John Lenzini Jr.

Personal information
- Born: January 10, 1947 Weymouth, Massachusetts United States
- Died: November 15, 1996 (aged 49)
- Occupation: Horse trainer

Horse racing career
- Sport: Horse racing
- Career wins: Not found

Major racing wins
- Laurel Futurity (1976) Remsen Stakes (1976) Bahamas Stakes (1982) Jersey Derby (1982) Withers Stakes (1982, 1988) Gotham Stakes (1985) Wood Memorial Stakes (1985) Hill Prince Stakes (1987) Paumonok Handicap (1987) Comely Stakes (1988) Distaff Handicap (1989) Hudson Stakes (NYB) (1989) Westchester Handicap (1990) Toboggan Handicap (1992, 1995) Sport Page Handicap (1993) U.S. Triple Crown series: Preakness Stakes (1982)

Significant horses
- Royal Ski, Aloma's Ruler, Eternal Prince, Avie's Gal, Best by Test, Once Wild, Boom Towner

= John J. Lenzini Jr. =

John Joseph "Butch" Lenzini Jr. (January 10, 1947 - November 13, 1996) was an American horse trainer in Thoroughbred flat racing best known for winning the 1982 Preakness Stakes, the second leg of the U.S. Triple Crown series.

== Biography ==
Nicknamed "Butch," he was born in Weymouth, Massachusetts, but raised in Rhode Island. His father, John Sr., was a trainer who worked at racetracks on the East Coast of the United States. Following in his father's footsteps, Lenzini Jr. earned his first win as a professional trainer in 1969 at Narragansett Park in Pawtucket, Rhode Island.

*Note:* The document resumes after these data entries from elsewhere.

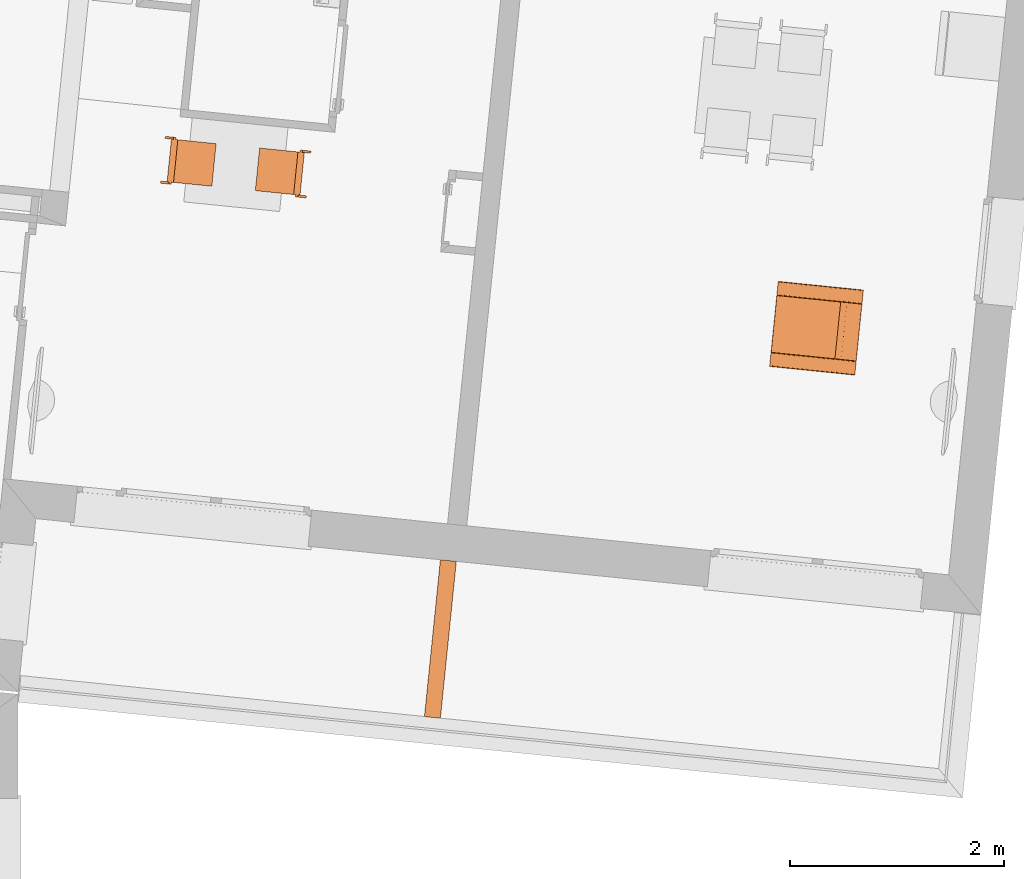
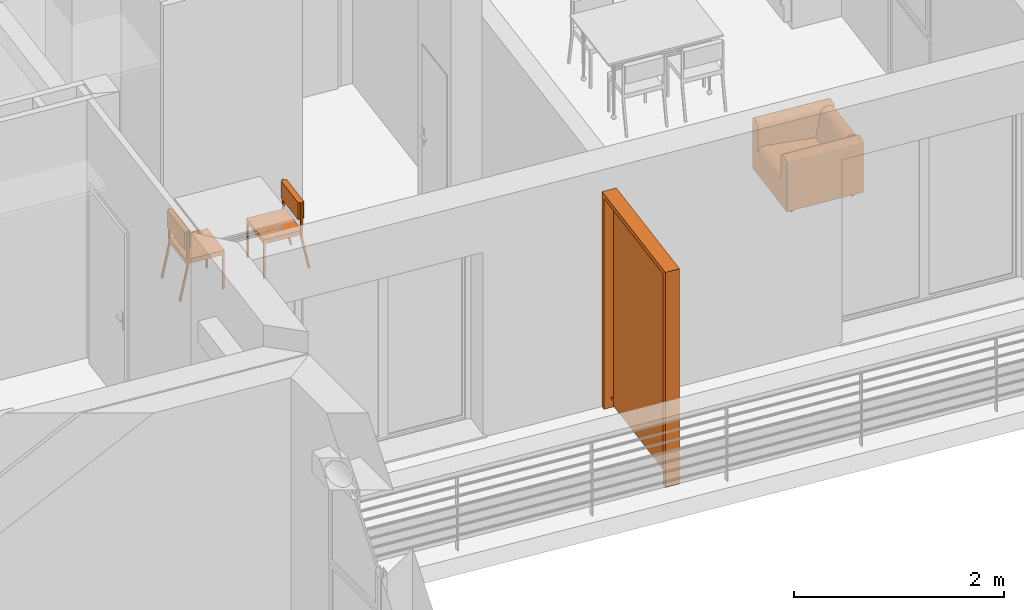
# One storey, part 155 of 164: 4 proxies.
"""IFC2X3 building model written with IfcOpenShell, lengths in millimetres."""

from ifc_helpers import new_model, entity, si_unit, converted_unit, derived_unit, money_unit, direction, frame, origin_with_axes, place, context, subcontext, project, spatial, open_shell, faceted_brep, surface_model, source, transform, mapped, type_object, element, save


model = new_model("IFC2X3")

# Units and contexts
model_context = context("Model", 3, precision=0.01, world=origin_with_axes(), true_north=direction((0.0, 1.0)))
body_context = subcontext(model_context, "Body", "Model", "MODEL_VIEW")
ifc_project = project(units=[si_unit("LENGTHUNIT", "METRE", prefix="MILLI"), si_unit("AREAUNIT", "SQUARE_METRE"), si_unit("VOLUMEUNIT", "CUBIC_METRE"), converted_unit("PLANEANGLEUNIT", "DEGREE", entity("IfcPlaneAngleMeasure", 0.0174532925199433), si_unit("PLANEANGLEUNIT", "RADIAN"), dimensions=[0, 0, 0, 0, 0, 0, 0]), money_unit("USD"), converted_unit("TIMEUNIT", "Year", entity("IfcTimeMeasure", 31557600.0), si_unit("TIMEUNIT", "SECOND"), dimensions=[0, 0, 1, 0, 0, 0, 0]), si_unit("MASSUNIT", "GRAM", prefix="KILO"), si_unit("THERMODYNAMICTEMPERATUREUNIT", "DEGREE_CELSIUS"), si_unit("LUMINOUSINTENSITYUNIT", "LUMEN"), si_unit("ENERGYUNIT", "JOULE", prefix="MEGA"), derived_unit("THERMALCONDUCTANCEUNIT", [(si_unit("POWERUNIT", "WATT"), 1), (si_unit("LENGTHUNIT", "METRE"), -1), (si_unit("THERMODYNAMICTEMPERATUREUNIT", "KELVIN"), -1)]), derived_unit("SPECIFICHEATCAPACITYUNIT", [(si_unit("ENERGYUNIT", "JOULE"), 1), (si_unit("MASSUNIT", "GRAM", prefix="KILO"), -1), (si_unit("THERMODYNAMICTEMPERATUREUNIT", "KELVIN"), -1)]), derived_unit("MASSDENSITYUNIT", [(si_unit("MASSUNIT", "GRAM", prefix="KILO"), 1), (si_unit("VOLUMEUNIT", "CUBIC_METRE"), -1)])], contexts=[model_context])

# Site, building, storey
site_placement = place(None, origin_with_axes())
site = spatial("IfcSite", under=ifc_project, at=site_placement, Name="Site", CompositionType="ELEMENT")
building_placement = place(site_placement, origin_with_axes())
building = spatial("IfcBuilding", under=site, at=building_placement, Name="Bâtiment", CompositionType="ELEMENT")
storey_placement = place(building_placement, frame((0.0, 0.0, 5750.0), z_axis=(0.0, 0.0, 1.0), x_axis=(1.0, 0.0, 0.0)))
storey = spatial("IfcBuildingStorey", under=building, at=storey_placement, Name="Etage1", CompositionType="ELEMENT", Elevation=5750.0)

# Proxies
building_element_proxy_type = type_object("IfcBuildingElementProxyType", PredefinedType="NOTDEFINED")
shared_shape_1 = source(origin_with_axes(), body_context, "Body", "Brep", [
    faceted_brep([(39.99999978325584, 0.0, 0.0), (19.99999989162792, 0.0, 0.0), (19.99999989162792, 19.99999936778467, 0.0), (39.99999978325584, 19.99999936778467, 0.0), (39.99999978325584, 0.0, 400.0), (19.99999989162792, 0.0, 400.0), (19.99999989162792, 19.99999936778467, 400.0), (39.99999978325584, 19.99999936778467, 400.0)], [[[0, 1, 2, 3]], [[1, 0, 4, 5]], [[2, 1, 5, 6]], [[3, 2, 6, 7]], [[0, 3, 7, 4]], [[5, 4, 7, 6]]]),
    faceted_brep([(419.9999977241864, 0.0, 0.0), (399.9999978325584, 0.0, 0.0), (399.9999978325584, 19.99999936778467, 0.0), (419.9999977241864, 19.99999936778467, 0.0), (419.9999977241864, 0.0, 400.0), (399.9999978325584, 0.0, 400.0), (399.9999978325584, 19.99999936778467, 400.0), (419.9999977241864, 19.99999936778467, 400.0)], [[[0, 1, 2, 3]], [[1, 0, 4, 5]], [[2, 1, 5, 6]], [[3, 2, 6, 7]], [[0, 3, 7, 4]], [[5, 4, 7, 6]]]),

After relocating to race at tracks in Maryland, he was hired by Boston Bruins goalie Gerry Cheevers to trainer his horses, the best of which would be Grade 1 winner Royal Ski.

=== Aloma's Ruler ===
Lenzini's association with Baltimore builder Nathan Scherr brought him his greatest success in racing in 1982. Lenzini picked out Aloma's Ruler, for Scherr who bought him at the Hialeah 2 year old sales. The following January he won the Bahamas Stakes at Hialeah Park Race Track, the May 8th Withers Stakes at Aqueduct Racetrack, then the biggest win of his career, the Preakness Stakes at Pimlico Race Course.

In July, Aloma's Ruler won the Jersey Derby at Monmouth Park but came out of a second-place finish in the August 21st Travers Stakes at Saratoga Race Course with an ankle injury that ended his career. Aloma's Ruler retired to stud and died in 2003 at age 24.

=== Move to New York ===
In 1984, John Lenzini Jr. moved his training operation to New York where he was the trainer for Brian J. Hurst and Eternal Prince. The colt won the 1985 Gotham Stakes and Wood Memorial Stakes and was third in the Preakness Stakes. Lenzini was based at Aqueduct Racetrack. In New York, Cleveland Johnson worked as Lenzini's assistant trainer. Johnson would be the last African-American trainer in New York at the time.

On November 13, 1996, John Lenzini Jr. died unexpectedly at age forty-nine at his home at Woodbury, Long Island, New York. He was found by his girlfriend, jockey Diane Nelson when she couldn't find him after going to ride his horses. He saddled his last two runners only four days previously.